L’État dirigé par une coalition de communistes et de partis de gauche était le premier touché par le Coronavirus en Inde. Grâce à un plan de traçage des cas, de tests massifs, de fourniture de colis alimentaires et d’aides financières aux ménages, le Kerala est pour l’heure parvenu à juguler la propagation du virus.

 

Narendra Modi a longtemps tergiversé. Jusqu’à son allocution télévisée du 19 mars, le premier ministre indien n’a annoncé aucun plan concret de lutte contre le Covid-19. Et encore, celui-ci se résumait-il à un « couvre-feu populaire » de quelques heures avant d’appeler la population à applaudir les soignants depuis les balcons. La stratégie était si confuse qu’une fois le couvre-feu passé, des foules soutenues par les policiers se sont massées dans la rue pour faire tinter cloches et casseroles.
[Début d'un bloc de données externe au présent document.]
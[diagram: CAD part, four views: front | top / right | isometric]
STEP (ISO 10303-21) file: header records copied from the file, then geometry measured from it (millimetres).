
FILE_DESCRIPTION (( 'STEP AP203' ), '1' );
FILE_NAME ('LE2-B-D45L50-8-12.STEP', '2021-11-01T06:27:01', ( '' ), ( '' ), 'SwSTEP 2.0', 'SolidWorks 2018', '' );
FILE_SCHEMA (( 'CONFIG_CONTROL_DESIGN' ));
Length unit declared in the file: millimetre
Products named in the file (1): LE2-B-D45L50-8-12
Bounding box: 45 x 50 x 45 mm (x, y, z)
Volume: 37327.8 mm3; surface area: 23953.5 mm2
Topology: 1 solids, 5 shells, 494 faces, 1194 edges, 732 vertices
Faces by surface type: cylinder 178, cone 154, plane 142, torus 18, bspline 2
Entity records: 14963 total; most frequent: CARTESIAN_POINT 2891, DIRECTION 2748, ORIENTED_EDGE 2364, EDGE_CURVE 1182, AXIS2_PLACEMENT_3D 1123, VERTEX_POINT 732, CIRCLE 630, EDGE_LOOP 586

Cinq jours plus tard, dans l’improvisation la plus totale, le chef du gouvernement donnait quatre heures aux Indiens pour se préparer au plus grand confinement de la planète. Privés d’emplois à l’instant-même, des millions de travailleurs migrants se sont lancés sur les routes pour rejoindre leur région d’origine laissant libre cours à la circulation du virus.

Briser la chaîne de transmission

Dans l’État méridional du Kerala, dirigé par le Parti communiste d’Inde (marxiste) et le Front démocratique de gauche, la population vivait déjà un confinement informel depuis plusieurs semaines. Sur le pied de guerre depuis le retour de Wuhan (Chine) d’un étudiant indien en médecine fin janvier, une équipe de soignants se réunit le soir de son arrivée afin de définir une stratégie. Plusieurs d’entre eux avaient déjà travaillé sur le virus Nipah en 2018, également transmissible de la chauve-souris à l’homme, et pouvant entraîner une infection respiratoire aiguë voire une encéphalite mortelle. À partir des recommandations de l’Organisation mondiale de la Santé (OMS), les médecins établissent un plan de traçage des contacts des personnes infectées, d’isolation et de surveillance systématique. Seule façon de briser la chaîne de transmission dans un pays où la majorité de la population ne dispose pas d’accès à l’eau courante et vit dans des logements exigus. L’accès aux soins est également une gageure : l’Inde compte 0,5 lit d’hôpitaux pour 1 000 habitants (contre 4,3 lits pour 1 000 habitants en Chine).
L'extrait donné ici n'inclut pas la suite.